Le Kremlin, de son côté, mise sur une guerre d’usure, espérant que l’épuisement du camp ukrainien et le soutien occidental – déjà en partie érodé – finissent par jouer en sa faveur. Pourtant, les dernières semaines ont montré que l’Ukraine, malgré des difficultés logistiques et démographiques, reste déterminée. « Vladimir Poutine a sous-estimé la résistance ukrainienne et la capacité de l’Occident à maintenir son soutien », souligne un expert en stratégie militaire.
La victoire, une notion relative en géopolitique
Face à ces constats, le géopolitologue Dominique Moïsi, conseiller spécial à l’Institut Montaigne, propose une réflexion sur la notion même de victoire. Dans une tribune reprise par Ouest France, il s’interroge : « Ne pas gagner pour le plus fort, n’est-ce pas perdre ? Ne pas perdre pour le plus faible, n’est-ce pas gagner ? » Cette question, loin d’être rhétorique, met en lumière les ambiguïtés des conflits contemporains. Dans un monde où les guerres ne se terminent plus par des traités clairs, mais par des accords fragiles ou des cessez-le-feu précaires, la définition de la victoire devient elle-même un enjeu.

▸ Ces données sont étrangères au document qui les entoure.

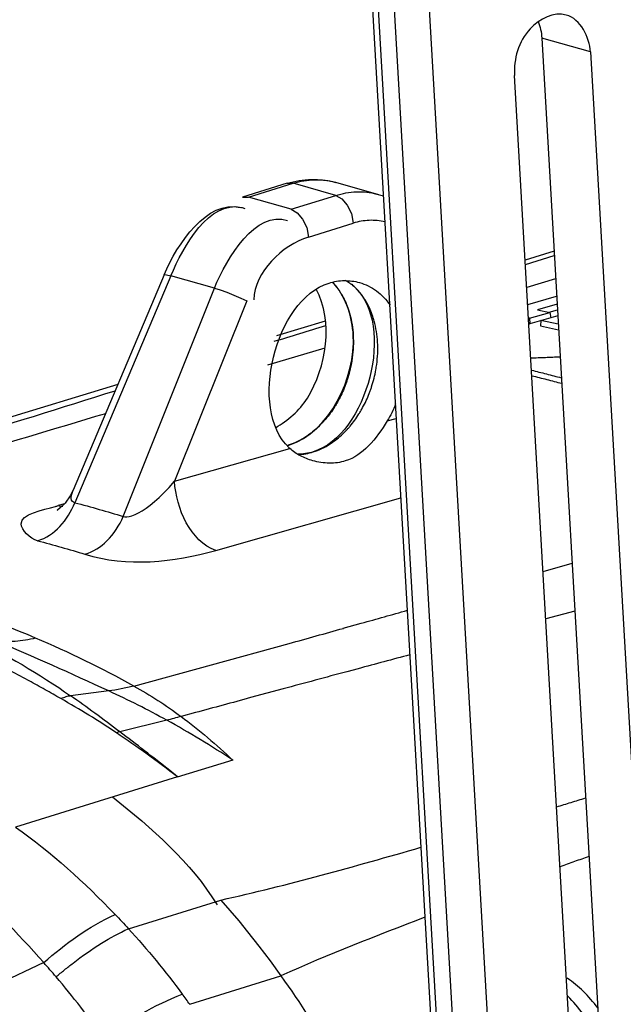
# Paper-space layout 'Sheet' of a CAD drawing. Header units: inches. Extents: x 0.2 to 10.8, y 0.2 to 8.3.
# Tile 315 of 545: x 5.492 to 5.688, y 6.964 to 7.284. Entities that reach past the tile are written whole.
import ezdxf

# ---------------------------------------------------------------- set-up
doc = ezdxf.new("R2010")
doc.units = ezdxf.units.IN
doc.header["$MEASUREMENT"] = 0
doc.layers.get('0').update_dxf_attribs({"lineweight": 5})
doc.layers.add('02___PRT_ALL_AXES', color=7, linetype='Continuous')

psp = doc.layouts.new('Sheet')

# ---------------------------------------------------------------- linework, layer by layer
at = {"color": 0, "linetype": 'ByBlock', "lineweight": -3}
for p, q in [((5.576648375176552, 7.806623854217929), (5.639608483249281, 6.712427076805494)), ((5.641565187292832, 6.711420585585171), (5.57862828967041, 7.805213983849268)), ((5.646902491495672, 6.708675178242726), (5.583893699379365, 7.803718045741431)), ((5.595165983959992, 7.804091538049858), (5.653033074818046, 6.798407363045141)), ((5.661430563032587, 7.277703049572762), (5.686625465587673, 6.839835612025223)), ((5.67722679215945, 7.273215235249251), (5.661430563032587, 7.277703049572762)), ((5.67722679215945, 7.273215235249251), (5.701969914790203, 6.843199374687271)), ((5.677399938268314, 6.834523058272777), (5.65259860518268, 7.26555057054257)), ((5.578803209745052, 7.23054196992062), (5.564300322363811, 7.226028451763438)), ((5.566238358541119, 7.226023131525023), (5.58074124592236, 7.230536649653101)), ((5.578803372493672, 7.230542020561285), (5.58074124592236, 7.230536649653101)), ((5.594566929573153, 7.226608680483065), (5.58074124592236, 7.230536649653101)), ((5.594487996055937, 7.230873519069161), (5.608387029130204, 7.226924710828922)), ((5.564300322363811, 7.226028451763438), (5.566238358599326, 7.226023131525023)), ((5.580064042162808, 7.222095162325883), (5.566238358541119, 7.226023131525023)), ((5.580064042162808, 7.222095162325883), (5.594566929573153, 7.226608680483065)), ((5.60788122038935, 7.227062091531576), (5.608359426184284, 7.226932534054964)), ((5.585760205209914, 7.213099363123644), (5.600264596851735, 7.217613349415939)), ((5.665411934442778, 7.208509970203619), (5.656045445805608, 7.205647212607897)), ((5.656126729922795, 7.204234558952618), (5.665494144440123, 7.207081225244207)), ((5.538874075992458, 7.200854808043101), (5.509320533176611, 7.130968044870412)), ((5.541034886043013, 7.200501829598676), (5.509894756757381, 7.126863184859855)), ((5.55520105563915, 7.196477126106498), (5.541034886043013, 7.200501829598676)), ((5.665929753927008, 7.199510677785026), (5.656560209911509, 7.196701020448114)), ((5.525584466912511, 7.122405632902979), (5.55520105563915, 7.196477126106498)), ((5.565665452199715, 7.192351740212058), (5.542256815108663, 7.133806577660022)), ((5.65687780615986, 7.191181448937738), (5.666251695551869, 7.193915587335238)), ((5.666403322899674, 7.191280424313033), (5.660074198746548, 7.189443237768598)), ((5.657460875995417, 7.186722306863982), (5.664084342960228, 7.188639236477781)), ((5.660074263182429, 7.189443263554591), (5.664084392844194, 7.188639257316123)), ((5.663878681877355, 7.188743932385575), (5.666505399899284, 7.189506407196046)), ((5.664084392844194, 7.188639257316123), (5.664405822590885, 7.186927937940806)), ((5.591111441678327, 7.185800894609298), (5.575361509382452, 7.180987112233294)), ((5.657460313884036, 7.186722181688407), (5.657130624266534, 7.186787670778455)), ((5.657233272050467, 7.185003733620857), (5.657543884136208, 7.184941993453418)), ((5.657460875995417, 7.186722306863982), (5.657544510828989, 7.184942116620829)), ((5.666617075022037, 7.187565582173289), (5.657544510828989, 7.184942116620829)), ((5.661109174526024, 7.185975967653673), (5.660985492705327, 7.184238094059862)), ((5.666777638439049, 7.184775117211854), (5.661109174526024, 7.185975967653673)), ((5.660985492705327, 7.184238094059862), (5.666880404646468, 7.18298912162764)), ((5.591038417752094, 7.1770746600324), (5.57245711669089, 7.171515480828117)), ((5.523809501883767, 7.165230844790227), (5.417877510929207, 7.132861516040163)), ((5.61128801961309, 7.153422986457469), (5.614186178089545, 7.154246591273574)), ((5.542256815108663, 7.133806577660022), (5.579672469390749, 7.144438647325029)), ((5.555672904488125, 7.111383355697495), (5.615673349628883, 7.128400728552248)), ((5.506519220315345, 7.126512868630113), (5.504472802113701, 7.12592965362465)), ((5.661899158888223, 7.104585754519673), (5.671264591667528, 7.107291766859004)), ((5.67213765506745, 7.091622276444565), (5.662748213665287, 7.089158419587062)), ((5.596983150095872, 7.086113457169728), (5.602802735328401, 7.087754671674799)), ((5.529022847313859, 7.067368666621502), (5.579411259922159, 7.081161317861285)), ((5.601831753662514, 7.072983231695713), (5.598188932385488, 7.072005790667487)), ((5.577551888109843, 7.066454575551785), (5.566948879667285, 7.063588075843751)), ((5.520893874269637, 7.065763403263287), (5.508499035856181, 7.064200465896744)), ((5.549001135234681, 7.05872296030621), (5.544376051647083, 7.057465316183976)), ((5.539723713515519, 7.056265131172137), (5.524449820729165, 7.052541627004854)), ((5.561174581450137, 7.0432744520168), (5.543147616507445, 7.037774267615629)), ((5.543154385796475, 7.037896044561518), (5.490659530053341, 7.021571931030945)), ((5.543155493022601, 7.037894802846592), (5.540746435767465, 7.03993505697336)), ((5.527264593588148, 6.988598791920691), (5.557259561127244, 6.99789488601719)), ((5.499799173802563, 6.97757829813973), (5.483781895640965, 6.970019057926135)), ((5.547200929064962, 6.96405529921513), (5.57673127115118, 6.973317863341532))]:
    psp.add_line(p, q, dxfattribs=at)
for points in [[(5.594566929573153, 7.226608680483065), (5.596568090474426, 7.225495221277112), (5.598323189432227, 7.223465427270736), (5.599642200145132, 7.220700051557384), (5.600263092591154, 7.217612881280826)], [(5.580064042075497, 7.222095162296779), (5.582065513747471, 7.220981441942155), (5.583820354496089, 7.218951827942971), (5.585139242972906, 7.216186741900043), (5.585760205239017, 7.213099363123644)], [(5.538874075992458, 7.200854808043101), (5.538947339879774, 7.200911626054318), (5.539646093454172, 7.200867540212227), (5.541034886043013, 7.200501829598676)], [(5.555201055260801, 7.19647712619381), (5.557076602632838, 7.195918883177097), (5.559200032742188, 7.195175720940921), (5.561484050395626, 7.194279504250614), (5.563722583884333, 7.193304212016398), (5.565665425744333, 7.192351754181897)], [(5.525584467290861, 7.122405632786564), (5.526090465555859, 7.122264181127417), (5.52673078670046, 7.122240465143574), (5.527510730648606, 7.122346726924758), (5.528419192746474, 7.122608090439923), (5.529430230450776, 7.123014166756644), (5.530530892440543, 7.123567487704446), (5.53171735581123, 7.124267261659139), (5.532986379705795, 7.125114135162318), (5.534335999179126, 7.126115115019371), (5.535765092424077, 7.127277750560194), (5.537274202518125, 7.128611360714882), (5.538860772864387, 7.130131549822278), (5.540523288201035, 7.13185589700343), (5.542256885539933, 7.133806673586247)], [(5.50932110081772, 7.130969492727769), (5.508399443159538, 7.129111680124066), (5.506695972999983, 7.126690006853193), (5.505177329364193, 7.125168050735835), (5.504231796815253, 7.124459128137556), (5.504090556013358, 7.124372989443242)], [(5.509894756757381, 7.126863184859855), (5.509447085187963, 7.126991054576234), (5.50907838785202, 7.127248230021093), (5.508813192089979, 7.12764505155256), (5.508685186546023, 7.128193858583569), (5.508701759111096, 7.128876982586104), (5.508868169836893, 7.129692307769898), (5.509185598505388, 7.130636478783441), (5.509320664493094, 7.130968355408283)], [(5.557259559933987, 6.997894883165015), (5.56019143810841, 6.994540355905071), (5.563090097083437, 6.991110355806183), (5.56595418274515, 6.987606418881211)], [(5.56595418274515, 6.987606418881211), (5.56962392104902, 6.982942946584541), (5.573231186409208, 6.978159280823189), (5.57673127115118, 6.973317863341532)]]:
    psp.add_lwpolyline(points, dxfattribs=at)
for centre, radius, start, end in [((5.588971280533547, 7.184267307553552), 0.0172026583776, 47.74522633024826, 48.49080566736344), ((11.63145394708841, -13.26571325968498), 21.31640223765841, 106.6611923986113, 106.9447191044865), ((5.574029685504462, 7.162785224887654), 0.01797284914, 285.3594775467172, 287.2880105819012), ((5.35713166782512, 6.754768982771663), 0.3567859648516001, 66.89692929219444, 74.15752667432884), ((5.358252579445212, 6.757952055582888), 0.3534179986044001, 61.10552782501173, 66.861680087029), ((5.393245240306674, 6.790197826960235), 0.3037232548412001, 56.4330586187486, 61.16582625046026), ((5.332824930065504, 6.767380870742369), 0.3426615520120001, 52.13441843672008, 56.21871903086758), ((5.277701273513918, 6.780670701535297), 0.2968124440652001, 35.50176645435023, 40.37889594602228)]:
    psp.add_arc(centre, radius, start, end, dxfattribs=at)
for points, knots in [([(5.669394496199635, 7.285157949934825), (5.665373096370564, 7.286285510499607), (5.654886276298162, 7.281005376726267), (5.652292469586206, 7.270870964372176), (5.65259860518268, 7.26555057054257)], [0, 0, 0, 0, 0.4393675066, 1, 1, 1, 1]), ([(5.660231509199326, 7.283016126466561), (5.66057225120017, 7.282185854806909), (5.661120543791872, 7.280438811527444), (5.66137746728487, 7.278625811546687), (5.661430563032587, 7.277703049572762)], [0, 0, 0, 0, 0.4926400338, 1, 1, 1, 1]), ([(5.578803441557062, 7.230541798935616), (5.581338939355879, 7.231330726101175), (5.58664080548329, 7.232189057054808), (5.591978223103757, 7.231539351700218), (5.594519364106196, 7.230832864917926)], [0, 0, 0, 0, 0.501688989, 1, 1, 1, 1]), ([(5.58074124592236, 7.230536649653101), (5.581881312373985, 7.230892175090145), (5.584188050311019, 7.231447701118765), (5.58655025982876, 7.231679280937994), (5.587720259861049, 7.231708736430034)], [0, 0, 0, 0, 0.5050419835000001, 1, 1, 1, 1]), ([(5.587720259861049, 7.231708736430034), (5.588864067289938, 7.231737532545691), (5.591149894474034, 7.231632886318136), (5.593395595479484, 7.231188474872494), (5.594488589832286, 7.230882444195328)], [0, 0, 0, 0, 0.5020052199, 1, 1, 1, 1]), ([(5.594566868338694, 7.226608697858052), (5.596733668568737, 7.227283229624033), (5.601206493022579, 7.228078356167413), (5.605737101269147, 7.22761551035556), (5.60788303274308, 7.227068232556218)], [0, 0, 0, 0, 0.5061046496, 1, 1, 1, 1]), ([(5.608360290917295, 7.226935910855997), (5.608651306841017, 7.226857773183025), (5.609238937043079, 7.22669560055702), (5.609824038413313, 7.226524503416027), (5.610119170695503, 7.226435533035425)], [0, 0, 0, 0, 0.4943174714, 1, 1, 1, 1]), ([(5.563965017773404, 7.222702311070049), (5.564145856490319, 7.222659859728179), (5.564508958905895, 7.222564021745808), (5.56486639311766, 7.222448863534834), (5.565045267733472, 7.22238607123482)], [0, 0, 0, 0, 0.4949094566, 1, 1, 1, 1]), ([(5.610582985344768, 7.218032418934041), (5.608907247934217, 7.218419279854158), (5.605402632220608, 7.218743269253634), (5.601938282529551, 7.218134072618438), (5.600264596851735, 7.217613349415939)], [0, 0, 0, 0, 0.4952476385, 1, 1, 1, 1]), ([(5.592406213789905, 7.198175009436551), (5.594004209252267, 7.198672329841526), (5.597330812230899, 7.199211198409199), (5.600672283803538, 7.198771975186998), (5.602254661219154, 7.198325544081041)], [0, 0, 0, 0, 0.5044378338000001, 1, 1, 1, 1]), ([(5.593454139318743, 7.198455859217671), (5.593874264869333, 7.198022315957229), (5.594681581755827, 7.197102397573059), (5.595401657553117, 7.196113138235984), (5.595744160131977, 7.19559856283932)], [0, 0, 0, 0, 0.4940952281, 1, 1, 1, 1]), ([(5.597677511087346, 7.199098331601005), (5.598153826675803, 7.198821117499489), (5.59908599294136, 7.198215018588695), (5.599953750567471, 7.197519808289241), (5.600372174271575, 7.19714950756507)], [0, 0, 0, 0, 0.4965591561, 1, 1, 1, 1]), ([(5.602254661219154, 7.198325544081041), (5.604216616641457, 7.197772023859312), (5.608079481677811, 7.19588871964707), (5.610988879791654, 7.192746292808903), (5.612204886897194, 7.190971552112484)], [0, 0, 0, 0, 0.4865361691, 1, 1, 1, 1]), ([(5.595744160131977, 7.19559856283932), (5.595917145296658, 7.195338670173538), (5.596254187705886, 7.194808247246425), (5.596569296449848, 7.194264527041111), (5.596722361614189, 7.193988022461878)], [0, 0, 0, 0, 0.4969397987, 1, 1, 1, 1]), ([(5.596722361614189, 7.193988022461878), (5.597111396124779, 7.193285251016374), (5.597830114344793, 7.191818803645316), (5.598411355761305, 7.190293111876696), (5.598672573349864, 7.189508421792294)], [0, 0, 0, 0, 0.4927126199, 1, 1, 1, 1]), ([(5.598672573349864, 7.189508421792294), (5.598751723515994, 7.189270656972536), (5.598904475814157, 7.188791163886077), (5.599044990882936, 7.188307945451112), (5.599112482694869, 7.188064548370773)], [0, 0, 0, 0, 0.4980243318, 1, 1, 1, 1]), ([(5.599112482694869, 7.188064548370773), (5.599416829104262, 7.18696697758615), (5.599909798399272, 7.184702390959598), (5.600160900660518, 7.182398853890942), (5.600228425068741, 7.181227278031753)], [0, 0, 0, 0, 0.4925331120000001, 1, 1, 1, 1]), ([(5.574567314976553, 7.179251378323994), (5.577349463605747, 7.180111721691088), (5.582923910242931, 7.181833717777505), (5.588499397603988, 7.183552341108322), (5.591292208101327, 7.184412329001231)], [0, 0, 0, 0, 0.4991358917, 1, 1, 1, 1]), ([(5.600228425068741, 7.181227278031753), (5.600297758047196, 7.180024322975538), (5.600310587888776, 7.177586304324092), (5.600090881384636, 7.175158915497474), (5.599925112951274, 7.173941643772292)], [0, 0, 0, 0, 0.4951600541, 1, 1, 1, 1]), ([(5.599663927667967, 7.172279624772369), (5.599497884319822, 7.171347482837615), (5.599101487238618, 7.169492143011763), (5.598580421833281, 7.167667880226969), (5.598288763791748, 7.166765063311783)], [0, 0, 0, 0, 0.499487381, 1, 1, 1, 1]), ([(5.599925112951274, 7.173941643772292), (5.599887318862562, 7.173664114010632), (5.59980590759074, 7.173109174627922), (5.599713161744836, 7.172556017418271), (5.599663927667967, 7.172279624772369)], [0, 0, 0, 0, 0.499418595, 1, 1, 1, 1]), ([(5.667390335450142, 7.174125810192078), (5.665805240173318, 7.174064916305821), (5.662635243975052, 7.17394041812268), (5.659465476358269, 7.173810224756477), (5.657880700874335, 7.173743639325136)], [0, 0, 0, 0, 0.5000143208, 1, 1, 1, 1]), ([(5.658102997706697, 7.169878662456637), (5.659716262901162, 7.169479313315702), (5.662943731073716, 7.168667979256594), (5.666165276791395, 7.167833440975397), (5.667776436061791, 7.167409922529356)], [0, 0, 0, 0, 0.4994086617, 1, 1, 1, 1]), ([(5.598288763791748, 7.166765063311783), (5.598171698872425, 7.166402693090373), (5.597927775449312, 7.165681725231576), (5.597663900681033, 7.164967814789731), (5.597527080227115, 7.164613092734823)], [0, 0, 0, 0, 0.5004047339, 1, 1, 1, 1]), ([(5.658206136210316, 7.168086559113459), (5.659819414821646, 7.167686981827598), (5.66304690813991, 7.166875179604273), (5.66626847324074, 7.166040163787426), (5.667879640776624, 7.165616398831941)], [0, 0, 0, 0, 0.4994082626, 1, 1, 1, 1]), ([(5.597527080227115, 7.164613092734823), (5.597219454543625, 7.163815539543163), (5.596556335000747, 7.162246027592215), (5.595791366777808, 7.160723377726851), (5.595384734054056, 7.159979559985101)], [0, 0, 0, 0, 0.5020888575, 1, 1, 1, 1]), ([(5.574966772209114, 7.15122008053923), (5.577010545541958, 7.152385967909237), (5.580898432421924, 7.155158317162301), (5.584075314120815, 7.158771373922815), (5.58534455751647, 7.160793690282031)], [0, 0, 0, 0, 0.496341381, 1, 1, 1, 1]), ([(5.595384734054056, 7.159979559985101), (5.595195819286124, 7.159633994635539), (5.594807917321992, 7.158950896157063), (5.594397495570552, 7.158281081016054), (5.594187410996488, 7.157950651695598)], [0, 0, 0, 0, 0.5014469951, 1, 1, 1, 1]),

Pour les États-Unis comme pour la Russie, l’échec n’est pas nécessairement militaire. Il est aussi stratégique : Washington peine à imposer son leadership régional en Iran, tandis que Moscou voit son influence en Europe de l’Est s’effriter. « La guerre n’est plus seulement une question de territoires ou de ressources, mais de crédibilité », rappelle Moïsi.
Quoi qu’il en soit, une certitude s’impose : les guerres d’aujourd’hui ne se gagnent plus uniquement sur le champ de bataille. Elles se gagnent – ou se perdent – dans l’arène diplomatique, économique et médiatique. Pour l’heure, les deux dirigeants semblent en train de découvrir, à leurs dépens, les limites de leur pouvoir.
Les sanctions ont affaibli l’économie iranienne, mais elles ont aussi poussé Téhéran à développer des réseaux d’échange parallèles, notamment avec la Chine et la Russie. De plus, le régime a su maintenir sa cohésion interne en instrumentalisant le discours anti-américain, limitant ainsi l’impact des pressions extérieures.